# Revolt



## Sight (31. August 2009)

Moin Leute, vielleicht kennt jemand das Oldschool Spiel Revolt... wollte mal fragen ob das noch jmd zockt und ob es eigentlich einen zweiten Teil davon gibt?!


----------



## feivel (31. August 2009)

ich hab das früher gern gespielt, mittlerweile aber nicht mehr. einen zweiten teil gibts nicht


----------



## Woohoo (1. September 2009)

Das hab ich früher auch gerne mal zwischendurch gespielt. War schon lustig.


----------



## Eol_Ruin (2. September 2009)

Dat Game war wirklich spitze - habs grad leztes Jahr mal wieder aus gekrahmt.
Besonders die Grafik war damals echt gut - vor allem die Spiegelungen !!


----------



## feivel (9. September 2009)

das beste daran war eigentlich der lanmodus, und für damals war die grafik 1a....
da hast du recht


----------



## Wannseesprinter (9. September 2009)

Die Grafik ist für heutige Verhältnisse auch noch gut anzusehen; ganz ab von den matschigen Bodentexturen . Das Spiel rockt ungemein, nur weiß ich nicht, wo die CD bei mir liegt. Die Musik, vor allem im Menü, war auch sehr schick gemacht.

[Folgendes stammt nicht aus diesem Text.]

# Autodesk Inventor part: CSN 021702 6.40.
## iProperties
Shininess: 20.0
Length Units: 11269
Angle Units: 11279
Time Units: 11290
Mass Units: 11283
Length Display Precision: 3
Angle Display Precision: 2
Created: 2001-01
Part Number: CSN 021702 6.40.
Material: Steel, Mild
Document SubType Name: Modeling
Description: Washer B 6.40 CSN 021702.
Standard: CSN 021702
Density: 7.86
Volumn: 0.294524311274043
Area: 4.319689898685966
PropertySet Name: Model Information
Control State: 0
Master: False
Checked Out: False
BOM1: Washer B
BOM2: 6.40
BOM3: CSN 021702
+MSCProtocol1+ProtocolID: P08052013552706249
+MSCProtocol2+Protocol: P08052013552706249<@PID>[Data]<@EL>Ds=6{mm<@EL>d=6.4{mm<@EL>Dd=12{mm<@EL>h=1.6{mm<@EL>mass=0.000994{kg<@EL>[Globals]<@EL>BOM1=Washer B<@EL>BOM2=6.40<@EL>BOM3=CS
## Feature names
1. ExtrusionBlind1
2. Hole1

Soweit ich weiß, kann Revolt aber mittlerweile kostenlos heruntergeladen werden.


----------



## Eol_Ruin (9. September 2009)

Wannseesprinter schrieb:


> Soweit ich weiß, kann Revolt aber mittlerweile kostenlos heruntergeladen werden.



Legal ?  WO ?

Dann könnt ich mit Kumpels im LAN spielen! Von denen hat leider keine das Game!


----------



## HTS (9. September 2009)

Eol_Ruin schrieb:


> Legal ?  WO ?



Google nach "revolt download" und dann sind es nur noch weniges Klicks


----------



## Wannseesprinter (9. September 2009)

Höchst offiziell ist es bei den Kollegen von abandonia zu bekommen. Es fehlt bei dieser Version lediglich die Musik, falls ich mich noch an meinen letzten Download erinnern kann, sonst ist es uneingeschränkt zu spielen.

Siehe: Download Re-Volt | abandonia


----------



## feivel (10. September 2009)

auch nicht schlecht


----------



## Sight (15. September 2009)

jop, von der Grafik her ist es echt ein cooles ding...
Vor allem aber gefällt mir der Editor Modus, da kann man manchmal schräge Strecken bauen


----------